=== Begin Enclosure ===
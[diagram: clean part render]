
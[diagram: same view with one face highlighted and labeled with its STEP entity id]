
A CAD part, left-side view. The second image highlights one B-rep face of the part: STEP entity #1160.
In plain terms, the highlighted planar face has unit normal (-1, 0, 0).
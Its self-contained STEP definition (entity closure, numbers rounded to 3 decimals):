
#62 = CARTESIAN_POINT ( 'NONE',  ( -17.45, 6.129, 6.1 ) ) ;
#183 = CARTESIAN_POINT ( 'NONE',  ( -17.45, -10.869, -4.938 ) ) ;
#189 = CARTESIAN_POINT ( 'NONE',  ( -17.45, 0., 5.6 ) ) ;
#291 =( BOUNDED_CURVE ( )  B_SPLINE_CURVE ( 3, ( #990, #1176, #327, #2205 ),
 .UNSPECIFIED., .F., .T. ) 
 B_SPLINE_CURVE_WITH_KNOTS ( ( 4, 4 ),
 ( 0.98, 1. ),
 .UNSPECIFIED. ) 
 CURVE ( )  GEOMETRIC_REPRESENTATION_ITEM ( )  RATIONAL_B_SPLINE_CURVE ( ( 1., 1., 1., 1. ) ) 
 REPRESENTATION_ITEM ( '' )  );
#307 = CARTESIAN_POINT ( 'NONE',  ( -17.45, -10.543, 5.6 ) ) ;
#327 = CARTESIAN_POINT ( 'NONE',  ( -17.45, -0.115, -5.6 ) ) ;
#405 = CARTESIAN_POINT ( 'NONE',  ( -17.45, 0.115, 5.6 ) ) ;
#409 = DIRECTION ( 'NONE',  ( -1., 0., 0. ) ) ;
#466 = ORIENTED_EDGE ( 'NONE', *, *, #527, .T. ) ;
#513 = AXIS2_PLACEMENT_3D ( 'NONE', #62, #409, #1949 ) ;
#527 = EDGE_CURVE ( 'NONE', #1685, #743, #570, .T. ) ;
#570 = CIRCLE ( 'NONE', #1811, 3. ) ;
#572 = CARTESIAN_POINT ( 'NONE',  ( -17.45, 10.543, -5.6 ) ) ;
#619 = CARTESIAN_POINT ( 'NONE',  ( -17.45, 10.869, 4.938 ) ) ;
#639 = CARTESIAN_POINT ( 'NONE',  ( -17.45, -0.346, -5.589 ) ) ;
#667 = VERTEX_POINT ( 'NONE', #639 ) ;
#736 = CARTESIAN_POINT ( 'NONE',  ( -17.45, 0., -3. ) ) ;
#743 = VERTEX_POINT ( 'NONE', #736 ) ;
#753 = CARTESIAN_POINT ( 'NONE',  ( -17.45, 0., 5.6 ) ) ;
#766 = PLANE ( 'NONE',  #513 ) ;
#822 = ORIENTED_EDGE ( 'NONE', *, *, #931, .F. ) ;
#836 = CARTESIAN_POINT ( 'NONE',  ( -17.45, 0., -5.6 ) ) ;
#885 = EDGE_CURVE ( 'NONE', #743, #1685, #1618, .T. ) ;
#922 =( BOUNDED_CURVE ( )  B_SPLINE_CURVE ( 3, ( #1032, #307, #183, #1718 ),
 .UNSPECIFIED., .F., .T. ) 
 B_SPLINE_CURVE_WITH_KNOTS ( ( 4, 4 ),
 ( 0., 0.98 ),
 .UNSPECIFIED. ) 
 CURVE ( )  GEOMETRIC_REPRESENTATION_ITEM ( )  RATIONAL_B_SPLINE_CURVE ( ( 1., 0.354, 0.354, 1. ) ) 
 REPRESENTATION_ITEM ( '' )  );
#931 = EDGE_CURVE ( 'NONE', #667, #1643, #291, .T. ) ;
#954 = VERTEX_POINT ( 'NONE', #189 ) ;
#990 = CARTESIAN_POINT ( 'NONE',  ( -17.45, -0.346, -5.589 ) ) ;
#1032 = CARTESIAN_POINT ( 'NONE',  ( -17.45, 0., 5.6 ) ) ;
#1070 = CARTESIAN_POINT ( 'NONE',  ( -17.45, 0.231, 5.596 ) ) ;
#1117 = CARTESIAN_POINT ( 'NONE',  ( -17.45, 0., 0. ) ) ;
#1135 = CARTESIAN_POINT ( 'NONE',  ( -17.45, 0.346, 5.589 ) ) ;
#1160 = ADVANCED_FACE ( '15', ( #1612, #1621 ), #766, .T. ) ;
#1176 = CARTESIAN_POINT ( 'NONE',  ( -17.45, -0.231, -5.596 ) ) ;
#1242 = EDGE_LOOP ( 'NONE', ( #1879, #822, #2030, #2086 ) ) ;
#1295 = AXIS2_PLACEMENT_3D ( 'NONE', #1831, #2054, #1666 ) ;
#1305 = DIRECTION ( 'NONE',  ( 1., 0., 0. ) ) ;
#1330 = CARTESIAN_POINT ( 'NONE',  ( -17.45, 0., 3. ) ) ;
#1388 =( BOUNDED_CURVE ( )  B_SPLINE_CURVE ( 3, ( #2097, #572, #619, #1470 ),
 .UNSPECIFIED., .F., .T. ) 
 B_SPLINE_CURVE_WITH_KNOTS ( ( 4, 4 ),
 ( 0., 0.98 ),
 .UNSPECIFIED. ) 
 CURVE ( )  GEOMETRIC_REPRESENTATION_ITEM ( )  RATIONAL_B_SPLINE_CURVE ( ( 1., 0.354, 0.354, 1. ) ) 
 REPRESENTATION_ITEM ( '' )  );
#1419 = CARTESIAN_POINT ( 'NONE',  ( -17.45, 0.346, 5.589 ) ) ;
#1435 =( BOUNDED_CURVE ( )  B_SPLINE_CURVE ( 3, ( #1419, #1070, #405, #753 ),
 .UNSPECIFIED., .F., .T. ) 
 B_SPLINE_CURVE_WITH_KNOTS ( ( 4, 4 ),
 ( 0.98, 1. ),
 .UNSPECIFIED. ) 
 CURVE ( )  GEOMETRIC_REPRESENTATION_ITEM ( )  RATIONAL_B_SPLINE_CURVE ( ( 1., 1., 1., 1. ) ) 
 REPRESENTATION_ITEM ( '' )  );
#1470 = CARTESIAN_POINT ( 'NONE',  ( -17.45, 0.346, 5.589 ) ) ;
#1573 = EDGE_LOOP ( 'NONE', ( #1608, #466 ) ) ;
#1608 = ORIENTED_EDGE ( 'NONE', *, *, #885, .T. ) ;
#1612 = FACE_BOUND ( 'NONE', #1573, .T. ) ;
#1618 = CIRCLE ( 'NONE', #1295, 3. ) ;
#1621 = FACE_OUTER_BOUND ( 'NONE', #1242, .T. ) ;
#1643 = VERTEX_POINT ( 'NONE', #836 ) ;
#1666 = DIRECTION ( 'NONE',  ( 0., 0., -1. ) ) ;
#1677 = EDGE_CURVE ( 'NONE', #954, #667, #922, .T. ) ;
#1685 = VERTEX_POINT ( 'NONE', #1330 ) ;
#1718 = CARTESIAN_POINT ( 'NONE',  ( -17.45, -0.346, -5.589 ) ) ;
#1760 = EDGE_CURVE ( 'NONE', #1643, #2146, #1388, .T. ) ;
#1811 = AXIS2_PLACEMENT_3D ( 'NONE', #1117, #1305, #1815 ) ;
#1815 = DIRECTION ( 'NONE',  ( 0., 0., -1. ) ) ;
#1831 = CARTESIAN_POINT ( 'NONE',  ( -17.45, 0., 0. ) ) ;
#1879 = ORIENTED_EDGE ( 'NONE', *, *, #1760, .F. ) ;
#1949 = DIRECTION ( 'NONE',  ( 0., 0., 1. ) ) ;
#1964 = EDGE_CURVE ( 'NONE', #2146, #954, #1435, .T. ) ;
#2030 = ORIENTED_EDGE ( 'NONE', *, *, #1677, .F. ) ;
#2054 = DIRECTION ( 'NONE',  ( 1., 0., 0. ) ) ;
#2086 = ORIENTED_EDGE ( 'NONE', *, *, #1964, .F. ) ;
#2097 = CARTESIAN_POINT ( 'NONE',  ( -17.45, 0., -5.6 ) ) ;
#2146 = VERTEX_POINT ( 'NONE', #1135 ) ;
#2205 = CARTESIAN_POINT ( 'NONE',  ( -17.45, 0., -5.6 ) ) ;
=== End Enclosure ===
• [ASSIGNMENT] Start at the first line of the material and transcribe each line exactly, stopping once the line containing "#822 = ORIENTED_EDGE" has been written.

• [EXERCISE OUTPUT]
[diagram: clean part render]
[diagram: same view with one face highlighted and labeled with its STEP entity id]
A CAD part, left-side view. The second image highlights one B-rep face of the part: STEP entity #1160.
In plain terms, the highlighted planar face has unit normal (-1, 0, 0).
Its self-contained STEP definition (entity closure, numbers rounded to 3 decimals):
#62 = CARTESIAN_POINT ( 'NONE',  ( -17.45, 6.129, 6.1 ) ) ;
#183 = CARTESIAN_POINT ( 'NONE',  ( -17.45, -10.869, -4.938 ) ) ;
#189 = CARTESIAN_POINT ( 'NONE',  ( -17.45, 0., 5.6 ) ) ;
#291 =( BOUNDED_CURVE ( )  B_SPLINE_CURVE ( 3, ( #990, #1176, #327, #2205 ),
 .UNSPECIFIED., .F., .T. ) 
 B_SPLINE_CURVE_WITH_KNOTS ( ( 4, 4 ),
 ( 0.98, 1. ),
 .UNSPECIFIED. ) 
 CURVE ( )  GEOMETRIC_REPRESENTATION_ITEM ( )  RATIONAL_B_SPLINE_CURVE ( ( 1., 1., 1., 1. ) ) 
 REPRESENTATION_ITEM ( '' )  );
#307 = CARTESIAN_POINT ( 'NONE',  ( -17.45, -10.543, 5.6 ) ) ;
#327 = CARTESIAN_POINT ( 'NONE',  ( -17.45, -0.115, -5.6 ) ) ;
#405 = CARTESIAN_POINT ( 'NONE',  ( -17.45, 0.115, 5.6 ) ) ;
#409 = DIRECTION ( 'NONE',  ( -1., 0., 0. ) ) ;
#466 = ORIENTED_EDGE ( 'NONE', *, *, #527, .T. ) ;
#513 = AXIS2_PLACEMENT_3D ( 'NONE', #62, #409, #1949 ) ;
#527 = EDGE_CURVE ( 'NONE', #1685, #743, #570, .T. ) ;
#570 = CIRCLE ( 'NONE', #1811, 3. ) ;
#572 = CARTESIAN_POINT ( 'NONE',  ( -17.45, 10.543, -5.6 ) ) ;
#619 = CARTESIAN_POINT ( 'NONE',  ( -17.45, 10.869, 4.938 ) ) ;
#639 = CARTESIAN_POINT ( 'NONE',  ( -17.45, -0.346, -5.589 ) ) ;
#667 = VERTEX_POINT ( 'NONE', #639 ) ;
#736 = CARTESIAN_POINT ( 'NONE',  ( -17.45, 0., -3. ) ) ;
#743 = VERTEX_POINT ( 'NONE', #736 ) ;
#753 = CARTESIAN_POINT ( 'NONE',  ( -17.45, 0., 5.6 ) ) ;
#766 = PLANE ( 'NONE',  #513 ) ;
#822 = ORIENTED_EDGE ( 'NONE', *, *, #931, .F. ) ;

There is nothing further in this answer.